━━━━━ EXTRACTED RECORDS ━━━━━

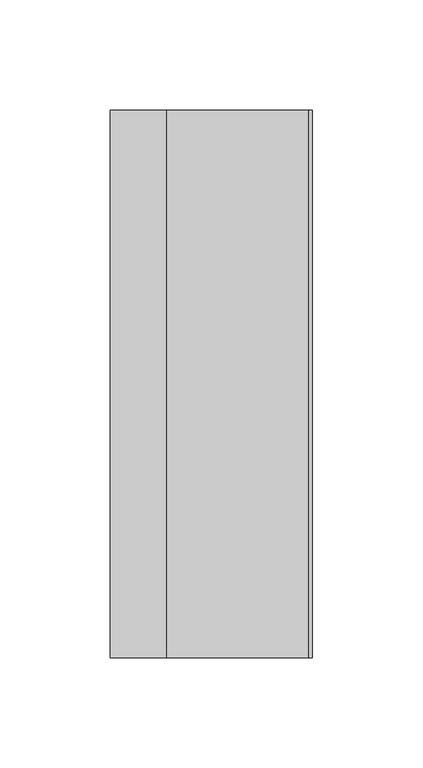
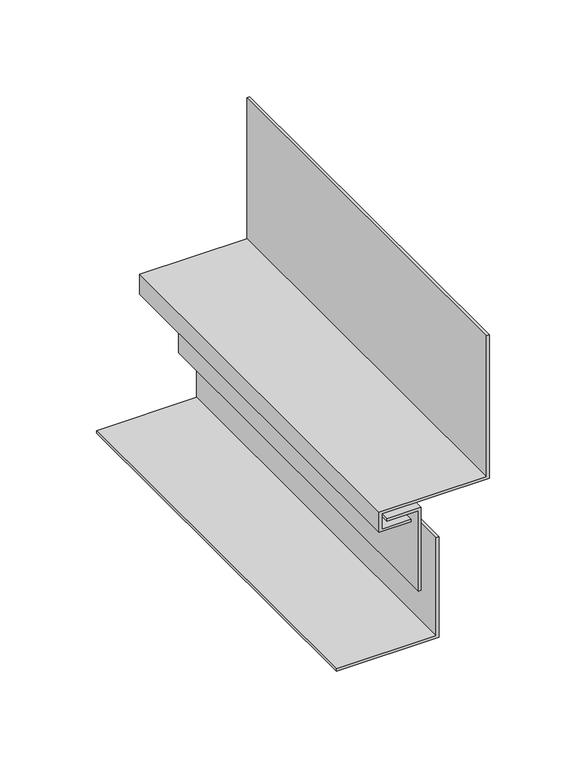
"""IFC4 building model written with IfcOpenShell, lengths in millimetres: proxy geometry, Generic Models 2:Generic Models 2:310765:Generic Models 2:310765 : Generic Models 2:Generic Models 2:310765:80 : Generic Models 2:Generic Models 2:310765:Generic Models 2:310765 : Generic Models 2:Generic Models 2:310765:300385."""

import ifcopenshell
import ifcopenshell.guid

model = None  # the IFC model being written
_history = None  # IfcOwnerHistory: only IFC2X3 demands one
_inside = {}  # id of a spatial element -> (the spatial element, [elements in it])
_under = {}  # id of a project, library or spatial element -> (it, [spatial elements below it])
_declared = {}  # id of a project -> (the project, [libraries it declares])
_typed = {}  # id of a type object -> (the type object, [elements of that type])
_made_of = {}  # id of a material, layer set ... -> (it, [elements and type objects made of it])


def new_model(schema):
    """Start an empty IFC model of exactly this schema.

    Asked for "IFC4X3", IfcOpenShell would pick the latest addendum, in which some entities
    have other attributes; the version numbers below select the first issue.
    IFC2X3 requires an IfcOwnerHistory on every rooted entity: one is made here for all.
    """
    global model, _history
    if schema == "IFC4X3":
        model = ifcopenshell.file(schema_version=(4, 3, 0, 0))
    else:
        model = ifcopenshell.file(schema=schema)
    _inside.clear()
    _under.clear()
    _declared.clear()
    _typed.clear()
    _made_of.clear()
    _history = None
    if model.schema == "IFC2X3":
        org = make("IfcOrganization", Name="unknown")
        user = make(
            "IfcPersonAndOrganization",
            ThePerson=make("IfcPerson", FamilyName="unknown"),
            TheOrganization=org,
        )
        app = make(
            "IfcApplication",
            ApplicationDeveloper=org,
            Version="unknown",
            ApplicationFullName="unknown",
            ApplicationIdentifier="unknown",
        )
        _history = make(
            "IfcOwnerHistory",
            OwningUser=user,
            OwningApplication=app,
            ChangeAction="ADDED",
            CreationDate=0,
        )
    return model


def make(cls, **values):
    """One entity of the class cls with the attributes given. An attribute that is None is left unset."""
    return model.create_entity(
        cls, **{name: value for name, value in values.items() if value is not None}
    )


def rooted(cls, **values):
    """An entity with a GlobalId (a new one), such as an element, a storey or a relation."""
    return make(cls, GlobalId=ifcopenshell.guid.new(), OwnerHistory=_history, **values)


def si_unit(unit_type, name, prefix=None):
    """IfcSIUnit, for example si_unit("LENGTHUNIT", "METRE", prefix="MILLI")."""
    return make("IfcSIUnit", UnitType=unit_type, Prefix=prefix, Name=name)


def assignment(units):
    """IfcUnitAssignment: the units of a project."""
    return None if units is None else make("IfcUnitAssignment", Units=units)


def point(xyz):
    """IfcCartesianPoint."""
    return None if xyz is None else make("IfcCartesianPoint", Coordinates=xyz)


def direction(xyz):
    """IfcDirection."""
    return None if xyz is None else make("IfcDirection", DirectionRatios=xyz)


def frame(location, z_axis=None, x_axis=None):
    """IfcAxis2Placement3D, a coordinate frame: its origin and axes. An axis left out is left unset."""
    return make(
        "IfcAxis2Placement3D",
        Location=point(location),
        Axis=direction(z_axis),
        RefDirection=direction(x_axis),
    )


def origin():
    """The frame at (0, 0, 0) with its axes left unset."""
    return frame((0.0, 0.0, 0.0))


def place(relative_to, where):
    """IfcLocalPlacement: puts the frame where relative to a parent placement (None: the world)."""
    return make(
        "IfcLocalPlacement", PlacementRelTo=relative_to, RelativePlacement=where
    )


def context(
    kind, dimensions, precision=None, world=None, true_north=None, identifier=None
):
    """IfcGeometricRepresentationContext, for example the 3D "Model" context."""
    return make(
        "IfcGeometricRepresentationContext",
        ContextIdentifier=identifier,
        ContextType=kind,
        CoordinateSpaceDimension=dimensions,
        Precision=precision,
        WorldCoordinateSystem=world,
        TrueNorth=true_north,
    )


def project(units=None, contexts=None):
    """IfcProject with its units and contexts."""
    return rooted(
        "IfcProject",
        Name="project",
        RepresentationContexts=contexts,
        UnitsInContext=assignment(units),
    )


def spatial(cls, under=None, at=None, **own):
    """A site, building, storey or space (cls), placed at a placement, below another one or the project."""
    s = rooted(cls, ObjectPlacement=at, **own)
    if under is not None:
        _under.setdefault(under.id(), (under, []))[1].append(s)
    return s


def polyline(points):
    """IfcPolyline through the points."""
    return make("IfcPolyline", Points=[point(p) for p in points])


def outline(outer, holes=None, kind="AREA"):
    """IfcArbitraryClosedProfileDef: a profile drawn as a closed curve; with holes, ...WithVoids."""
    if holes is None:
        return make("IfcArbitraryClosedProfileDef", ProfileType=kind, OuterCurve=outer)
    return make(
        "IfcArbitraryProfileDefWithVoids",
        ProfileType=kind,
        OuterCurve=outer,
        InnerCurves=holes,
    )


def extrude(swept, where, along, depth):
    """IfcExtrudedAreaSolid: the profile swept, set in the frame where, extruded along a direction by depth."""
    return make(
        "IfcExtrudedAreaSolid",
        SweptArea=swept,
        Position=where,
        ExtrudedDirection=direction(along),
        Depth=depth,
    )


def shape(context_of_items, identifier, shape_type, items):
    """IfcShapeRepresentation: the items that make up one representation, for example the "Body"."""
    return make(
        "IfcShapeRepresentation",
        ContextOfItems=context_of_items,
        RepresentationIdentifier=identifier,
        RepresentationType=shape_type,
        Items=items,
    )


def source(mapping_origin, context_of_items, identifier, shape_type, items):
    """IfcRepresentationMap: a shape defined once, which mapped items show again and again."""
    return make(
        "IfcRepresentationMap",
        MappingOrigin=mapping_origin,
        MappedRepresentation=shape(context_of_items, identifier, shape_type, items),
    )


def transform(
    local_origin,
    x_axis=None,
    y_axis=None,
    z_axis=None,
    scale=None,
    scale2=None,
    scale3=None,
    uniform=True,
):
    """IfcCartesianTransformationOperator3D, or its non-uniform kind. x_axis, y_axis, z_axis: its Axis1, 2, 3."""
    if uniform:
        return make(
            "IfcCartesianTransformationOperator3D",
            Axis1=direction(x_axis),
            Axis2=direction(y_axis),
            LocalOrigin=point(local_origin),
            Scale=scale,
            Axis3=direction(z_axis),
        )
    return make(
        "IfcCartesianTransformationOperator3DnonUniform",
        Axis1=direction(x_axis),
        Axis2=direction(y_axis),
        LocalOrigin=point(local_origin),
        Scale=scale,
        Axis3=direction(z_axis),
        Scale2=scale2,
        Scale3=scale3,
    )


def mapped(mapping_source, mapping_target):
    """IfcMappedItem: shows the shape of a source again, moved by a transform."""
    return make(
        "IfcMappedItem", MappingSource=mapping_source, MappingTarget=mapping_target
    )


def made_of(thing, what):
    """Note that an element or type object is made of a material, layer set ...; save() writes the relation."""
    if what is not None:
        _made_of.setdefault(what.id(), (what, []))[1].append(thing)
    return thing


def element(
    cls,
    number,
    at=None,
    inside=None,
    cuts=None,
    type_object=None,
    material=None,
    context=None,
    identifier="Body",
    shape_type=None,
    held_by="IfcProductDefinitionShape",
    body=None,
    shapes=None,
    **own,
):
    """One element of the class cls, such as IfcWall. Its Tag is "e" and its number.

    at: its placement. inside: the storey or other place that contains it. cuts: it is an
    opening in that element (IfcRelVoidsElement). A single representation is given by context,
    identifier, shape_type and body (its items); several are given by shapes. held_by: the class
    of the entity that holds the representations. save() writes the other relations.
    """
    e = rooted(cls, Tag="e%d" % number, ObjectPlacement=at, **own)
    if body is not None:
        shapes = [shape(context, identifier, shape_type, body)]
    if shapes is not None:
        e.Representation = make(held_by, Representations=shapes)
    if inside is not None:
        _inside.setdefault(inside.id(), (inside, []))[1].append(e)
    if cuts is not None:
        rooted(
            "IfcRelVoidsElement", RelatingBuildingElement=cuts, RelatedOpeningElement=e
        )
    if type_object is not None:
        _typed.setdefault(type_object.id(), (type_object, []))[1].append(e)
    return made_of(e, material)


def aggregate(whole, parts):
    """IfcRelAggregates: a whole, such as a stair, and the parts it consists of."""
    return rooted("IfcRelAggregates", RelatingObject=whole, RelatedObjects=parts)


def save(model, path):
    """Write the relations noted so far, then the file.

    IfcRelAggregates (storeys below a building ...), IfcRelContainedInSpatialStructure (elements
    in a storey), IfcRelDefinesByType, IfcRelAssociatesMaterial and IfcRelDeclares: one each for
    every whole, place, type object, material and project.
    """
    for whole, parts in _under.values():
        aggregate(whole, parts)
    for where, things in _inside.values():
        rooted(
            "IfcRelContainedInSpatialStructure",
            RelatedElements=things,
            RelatingStructure=where,
        )
    for kind, things in _typed.values():
        rooted("IfcRelDefinesByType", RelatedObjects=things, RelatingType=kind)
    for what, things in _made_of.values():
        rooted("IfcRelAssociatesMaterial", RelatedObjects=things, RelatingMaterial=what)
    for by, libraries in _declared.values():
        rooted("IfcRelDeclares", RelatingContext=by, RelatedDefinitions=libraries)
    model.write(path)


def generic_models_1e1107b9(model_context):
    return source(origin(), model_context, "Body", "SweptSolid", [
        extrude(outline(polyline([(4026.4869619, 560370.4242239), (4116.9744619, 560370.4242239), (4116.9744619, 560368.8367239), (4028.0744619, 560368.8367239), (4028.0744619, 560304.6791598), (4015.3744619, 560304.6791598), (4015.3744619, 560323.7291598), (4016.9619619, 560323.7291598), (4016.9619619, 560306.2666598), (4026.4869619, 560306.2666598), (4026.4869619, 560370.4242239)])), frame((0.0, -579011.8786724, 0.0), z_axis=(0.0, 1.0, 0.0), x_axis=(0.0, 0.0, 1.0)), (0.0, 0.0, 1.0), 247.8463739),
        extrude(outline(polyline([(4020.9307119, 560328.0732928), (3970.1307119, 560328.0732928), (3970.1307119, 560329.6607928), (4022.5182119, 560329.6607928), (4022.5182119, 560309.2041611), (4020.9307119, 560309.2041611), (4020.9307119, 560328.0732928)])), frame((0.0, -579011.8786724, 0.0), z_axis=(0.0, 1.0, 0.0), x_axis=(0.0, 0.0, 1.0)), (0.0, 0.0, 1.0), 247.8463739),
        extrude(outline(polyline([(3936.7932119, 560340.2617239), (4000.2932119, 560340.2617239), (4000.2932119, 560338.6742239), (3938.3807119, 560338.6742239), (3938.3807119, 560279.0416611), (3936.7932119, 560279.0416611), (3936.7932119, 560340.2617239)])), frame((0.0, -579011.8786724, 0.0), z_axis=(0.0, 1.0, 0.0), x_axis=(0.0, 0.0, 1.0)), (0.0, 0.0, 1.0), 247.8463739),
    ])


if __name__ == "__main__":
    model = new_model("IFC4")
    model_context = context("Model", 3, world=origin())
    ifc_project = project(units=[si_unit("LENGTHUNIT", "METRE", prefix="MILLI")], contexts=[model_context])
    site = spatial("IfcSite", under=ifc_project)
    building = spatial("IfcBuilding", under=site)
    placement = place(None, origin())
    generic_models_shape = generic_models_1e1107b9(model_context)
    element("IfcBuildingElementProxy", 1, Name="Generic Models 2:Generic Models 2:310765:Generic Models 2:310765 : Generic Models 2:Generic Models 2:310765:80 : Generic Models 2:Generic Models 2:310765:Generic Models 2:310765 : Generic Models 2:Generic Models 2:310765:300385", ObjectType="Generic Models 2:Generic Models 2:310765:Generic Models 2:310765 : Generic Models 2:Generic Models 2:310765:80 : Generic Models 2:Generic Models 2:310765:Generic Models 2:310765 : Generic Models 2:Generic Models 2:310765:300385", at=placement, inside=building, context=model_context, shape_type="MappedRepresentation", body=[
        mapped(generic_models_shape, transform((0.0, 0.0, 0.0), x_axis=(1.0, 0.0, 0.0), y_axis=(0.0, 1.0, 0.0), z_axis=(0.0, 0.0, 1.0))),
    ])
    save(model, "model.ifc")

# Revit data of these elements
# Type "Generic Models 2:Generic Models 2:310765:Generic Models 2:310765 : Generic Models 2:Generic Models 2:310765:80 : Generic Models 2:Generic Models 2:310765:Generic Models 2:310765 : Generic Models 2:Generic Models 2:310765:300385"
#   NameOverride = "Generic Models 2:Generic Models 2:310765:Generic Models 2:310765 : Generic Models 2:Generic Models 2:310765:300385"
#   ObjectTypeOverride = "Generic Models 2:310765 : Generic Models 2:Generic Models 2:310765"
#   Reference = "Generic Models 2"
#   Tag = "300385"
# Element 1 (IfcBuildingElementProxy, "Generic Models 2:Generic Models 2:310765:Generic Models 2:310765 : Generic Models 2:Generic Models 2:310765:80 : Generic Models 2:Generic Models 2:310765:Generic Models 2:310765 : Generic Models 2:Generic Models 2:310765:300385")
#   Materials on its faces: "BRAKE METAL COUNTERFLASHING"
# Materials
#   "BRAKE METAL COUNTERFLASHING": class "Unassigned", colour RGB 182 182 182, transparency 0, Cost = 0
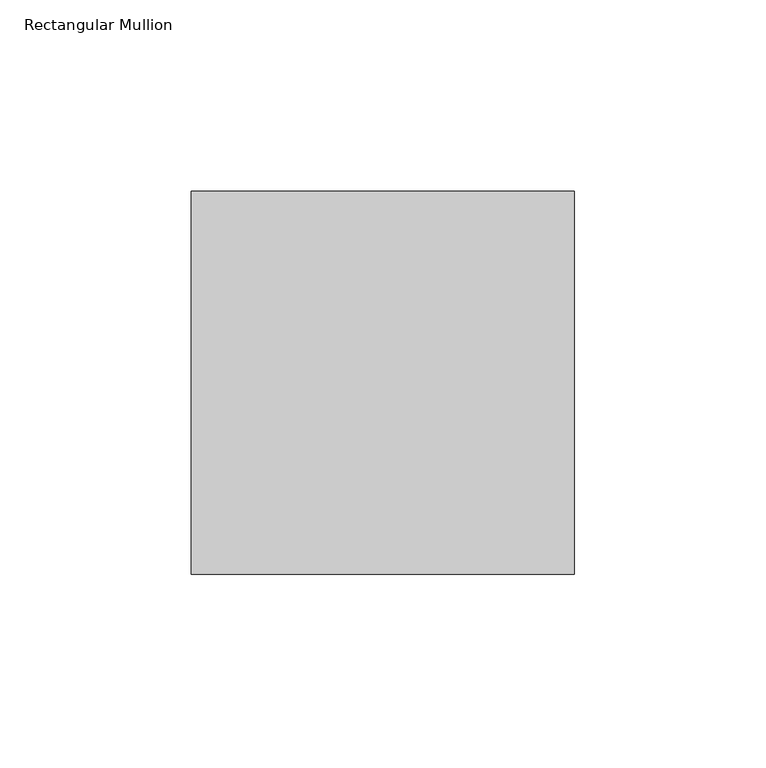
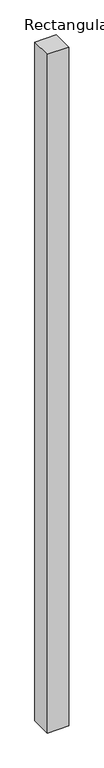
"""IFC4 building model written with IfcOpenShell, lengths in millimetres: member geometry, Rectangular Mullion : 알루미늄_Rectangular Cap_100 x100."""

import ifcopenshell
import ifcopenshell.guid

model = None  # the IFC model being written
_history = None  # IfcOwnerHistory: only IFC2X3 demands one
_inside = {}  # id of a spatial element -> (the spatial element, [elements in it])
_under = {}  # id of a project, library or spatial element -> (it, [spatial elements below it])
_declared = {}  # id of a project -> (the project, [libraries it declares])
_typed = {}  # id of a type object -> (the type object, [elements of that type])
_made_of = {}  # id of a material, layer set ... -> (it, [elements and type objects made of it])


def new_model(schema):
    """Start an empty IFC model of exactly this schema.

    Asked for "IFC4X3", IfcOpenShell would pick the latest addendum, in which some entities
    have other attributes; the version numbers below select the first issue.
    IFC2X3 requires an IfcOwnerHistory on every rooted entity: one is made here for all.
    """
    global model, _history
    if schema == "IFC4X3":
        model = ifcopenshell.file(schema_version=(4, 3, 0, 0))
    else:
        model = ifcopenshell.file(schema=schema)
    _inside.clear()
    _under.clear()
    _declared.clear()
    _typed.clear()
    _made_of.clear()
    _history = None
    if model.schema == "IFC2X3":
        org = make("IfcOrganization", Name="unknown")
        user = make(
            "IfcPersonAndOrganization",
            ThePerson=make("IfcPerson", FamilyName="unknown"),
            TheOrganization=org,
        )
        app = make(
            "IfcApplication",
            ApplicationDeveloper=org,
            Version="unknown",
            ApplicationFullName="unknown",
            ApplicationIdentifier="unknown",
        )
        _history = make(
            "IfcOwnerHistory",
            OwningUser=user,
            OwningApplication=app,
            ChangeAction="ADDED",
            CreationDate=0,
        )
    return model


def make(cls, **values):
    """One entity of the class cls with the attributes given. An attribute that is None is left unset."""
    return model.create_entity(
        cls, **{name: value for name, value in values.items() if value is not None}
    )


def rooted(cls, **values):
    """An entity with a GlobalId (a new one), such as an element, a storey or a relation."""
    return make(cls, GlobalId=ifcopenshell.guid.new(), OwnerHistory=_history, **values)


def si_unit(unit_type, name, prefix=None):
    """IfcSIUnit, for example si_unit("LENGTHUNIT", "METRE", prefix="MILLI")."""
    return make("IfcSIUnit", UnitType=unit_type, Prefix=prefix, Name=name)


def assignment(units):
    """IfcUnitAssignment: the units of a project."""
    return None if units is None else make("IfcUnitAssignment", Units=units)


def point(xyz):
    """IfcCartesianPoint."""
    return None if xyz is None else make("IfcCartesianPoint", Coordinates=xyz)


def direction(xyz):
    """IfcDirection."""
    return None if xyz is None else make("IfcDirection", DirectionRatios=xyz)


def frame(location, z_axis=None, x_axis=None):
    """IfcAxis2Placement3D, a coordinate frame: its origin and axes. An axis left out is left unset."""
    return make(
        "IfcAxis2Placement3D",
        Location=point(location),
        Axis=direction(z_axis),
        RefDirection=direction(x_axis),
    )


def origin():
    """The frame at (0, 0, 0) with its axes left unset."""
    return frame((0.0, 0.0, 0.0))


def place(relative_to, where):
    """IfcLocalPlacement: puts the frame where relative to a parent placement (None: the world)."""
    return make(
        "IfcLocalPlacement", PlacementRelTo=relative_to, RelativePlacement=where
    )


def context(
    kind, dimensions, precision=None, world=None, true_north=None, identifier=None
):
    """IfcGeometricRepresentationContext, for example the 3D "Model" context."""
    return make(
        "IfcGeometricRepresentationContext",
        ContextIdentifier=identifier,
        ContextType=kind,
        CoordinateSpaceDimension=dimensions,
        Precision=precision,
        WorldCoordinateSystem=world,
        TrueNorth=true_north,
    )


def project(units=None, contexts=None):
    """IfcProject with its units and contexts."""
    return rooted(
        "IfcProject",
        Name="project",
        RepresentationContexts=contexts,
        UnitsInContext=assignment(units),
    )


def spatial(cls, under=None, at=None, **own):
    """A site, building, storey or space (cls), placed at a placement, below another one or the project."""
    s = rooted(cls, ObjectPlacement=at, **own)
    if under is not None:
        _under.setdefault(under.id(), (under, []))[1].append(s)
    return s


def polyline(points):
    """IfcPolyline through the points."""
    return make("IfcPolyline", Points=[point(p) for p in points])


def outline(outer, holes=None, kind="AREA"):
    """IfcArbitraryClosedProfileDef: a profile drawn as a closed curve; with holes, ...WithVoids."""
    if holes is None:
        return make("IfcArbitraryClosedProfileDef", ProfileType=kind, OuterCurve=outer)
    return make(
        "IfcArbitraryProfileDefWithVoids",
        ProfileType=kind,
        OuterCurve=outer,
        InnerCurves=holes,
    )


def extrude(swept, where, along, depth):
    """IfcExtrudedAreaSolid: the profile swept, set in the frame where, extruded along a direction by depth."""
    return make(
        "IfcExtrudedAreaSolid",
        SweptArea=swept,
        Position=where,
        ExtrudedDirection=direction(along),
        Depth=depth,
    )


def shape(context_of_items, identifier, shape_type, items):
    """IfcShapeRepresentation: the items that make up one representation, for example the "Body"."""
    return make(
        "IfcShapeRepresentation",
        ContextOfItems=context_of_items,
        RepresentationIdentifier=identifier,
        RepresentationType=shape_type,
        Items=items,
    )


def source(mapping_origin, context_of_items, identifier, shape_type, items):
    """IfcRepresentationMap: a shape defined once, which mapped items show again and again."""
    return make(
        "IfcRepresentationMap",
        MappingOrigin=mapping_origin,
        MappedRepresentation=shape(context_of_items, identifier, shape_type, items),
    )


def transform(
    local_origin,
    x_axis=None,
    y_axis=None,
    z_axis=None,
    scale=None,
    scale2=None,
    scale3=None,
    uniform=True,
):
    """IfcCartesianTransformationOperator3D, or its non-uniform kind. x_axis, y_axis, z_axis: its Axis1, 2, 3."""
    if uniform:
        return make(
            "IfcCartesianTransformationOperator3D",
            Axis1=direction(x_axis),
            Axis2=direction(y_axis),
            LocalOrigin=point(local_origin),
            Scale=scale,
            Axis3=direction(z_axis),
        )
    return make(
        "IfcCartesianTransformationOperator3DnonUniform",
        Axis1=direction(x_axis),
        Axis2=direction(y_axis),
        LocalOrigin=point(local_origin),
        Scale=scale,
        Axis3=direction(z_axis),
        Scale2=scale2,
        Scale3=scale3,
    )


def mapped(mapping_source, mapping_target):
    """IfcMappedItem: shows the shape of a source again, moved by a transform."""
    return make(
        "IfcMappedItem", MappingSource=mapping_source, MappingTarget=mapping_target
    )


def made_of(thing, what):
    """Note that an element or type object is made of a material, layer set ...; save() writes the relation."""
    if what is not None:
        _made_of.setdefault(what.id(), (what, []))[1].append(thing)
    return thing


def element(
    cls,
    number,
    at=None,
    inside=None,
    cuts=None,
    type_object=None,
    material=None,
    context=None,
    identifier="Body",
    shape_type=None,
    held_by="IfcProductDefinitionShape",
    body=None,
    shapes=None,
    **own,
):
    """One element of the class cls, such as IfcWall. Its Tag is "e" and its number.

    at: its placement. inside: the storey or other place that contains it. cuts: it is an
    opening in that element (IfcRelVoidsElement). A single representation is given by context,
    identifier, shape_type and body (its items); several are given by shapes. held_by: the class
    of the entity that holds the representations. save() writes the other relations.
    """
    e = rooted(cls, Tag="e%d" % number, ObjectPlacement=at, **own)
    if body is not None:
        shapes = [shape(context, identifier, shape_type, body)]
    if shapes is not None:
        e.Representation = make(held_by, Representations=shapes)
    if inside is not None:
        _inside.setdefault(inside.id(), (inside, []))[1].append(e)
    if cuts is not None:
        rooted(
            "IfcRelVoidsElement", RelatingBuildingElement=cuts, RelatedOpeningElement=e
        )
    if type_object is not None:
        _typed.setdefault(type_object.id(), (type_object, []))[1].append(e)
    return made_of(e, material)


def aggregate(whole, parts):
    """IfcRelAggregates: a whole, such as a stair, and the parts it consists of."""
    return rooted("IfcRelAggregates", RelatingObject=whole, RelatedObjects=parts)


def save(model, path):
    """Write the relations noted so far, then the file.

    IfcRelAggregates (storeys below a building ...), IfcRelContainedInSpatialStructure (elements
    in a storey), IfcRelDefinesByType, IfcRelAssociatesMaterial and IfcRelDeclares: one each for
    every whole, place, type object, material and project.
    """
    for whole, parts in _under.values():
        aggregate(whole, parts)
    for where, things in _inside.values():
        rooted(
            "IfcRelContainedInSpatialStructure",
            RelatedElements=things,
            RelatingStructure=where,
        )
    for kind, things in _typed.values():
        rooted("IfcRelDefinesByType", RelatedObjects=things, RelatingType=kind)
    for what, things in _made_of.values():
        rooted("IfcRelAssociatesMaterial", RelatedObjects=things, RelatingMaterial=what)
    for by, libraries in _declared.values():
        rooted("IfcRelDeclares", RelatingContext=by, RelatedDefinitions=libraries)
    model.write(path)


def rectangular_mullion_9dbe7c8d(model_context):
    return source(origin(), model_context, "Body", "SweptSolid", [
        extrude(outline(polyline([(0.0, 50.0), (0.0, -50.0), (-100.0, -50.0), (-100.0, 50.0), (0.0, 50.0)])), frame((0.0, 0.0, -3325.0), z_axis=(0.0, 0.0, 1.0), x_axis=(1.0, 0.0, 0.0)), (0.0, 0.0, 1.0), 3325.0),
    ])


if __name__ == "__main__":
    model = new_model("IFC4")
    model_context = context("Model", 3, world=origin())
    ifc_project = project(units=[si_unit("LENGTHUNIT", "METRE", prefix="MILLI")], contexts=[model_context])
    site = spatial("IfcSite", under=ifc_project)
    building = spatial("IfcBuilding", under=site)
    placement = place(None, origin())
    rectangular_mullion_shape = rectangular_mullion_9dbe7c8d(model_context)
    element("IfcMember", 1, ObjectType="Rectangular Mullion : 알루미늄_Rectangular Cap_100 x100", at=placement, inside=building, context=model_context, shape_type="MappedRepresentation", body=[
        mapped(rectangular_mullion_shape, transform((0.0, 0.0, 0.0), x_axis=(1.0, 0.0, 0.0), y_axis=(0.0, 1.0, 0.0), z_axis=(0.0, 0.0, 1.0))),
    ])
    save(model, "model.ifc")

# Revit data of these elements
# Type "Rectangular Mullion : 알루미늄_Rectangular Cap_100 x100"
#   built-in parameter 1007304 = 0.328084 (stored number, unit not read)
#   built-in parameter 1007301 = 0.164042 (stored number, unit not read)
#   built-in parameter 1007300 = 0.164042 (stored number, unit not read)
# Element 1 (IfcMember, "Rectangular Mullion : 알루미늄_Rectangular Cap_100 x100")
#   Materials on its faces: "00_Metal_Stainless Steel"
# Materials
#   "00_Metal_Stainless Steel": class "Metal", colour RGB 148 148 148, transparency 0, Description = "Steel", Cost = 0

━━━━━

» EXERCISE OBJECTIVE:
Please return a copy of each line in the entries that has the string "read".

» RESULT OF THIS TASK:
#   built-in parameter 1007304 = 0.328084 (stored number, unit not read)
#   built-in parameter 1007301 = 0.164042 (stored number, unit not read)
#   built-in parameter 1007300 = 0.164042 (stored number, unit not read)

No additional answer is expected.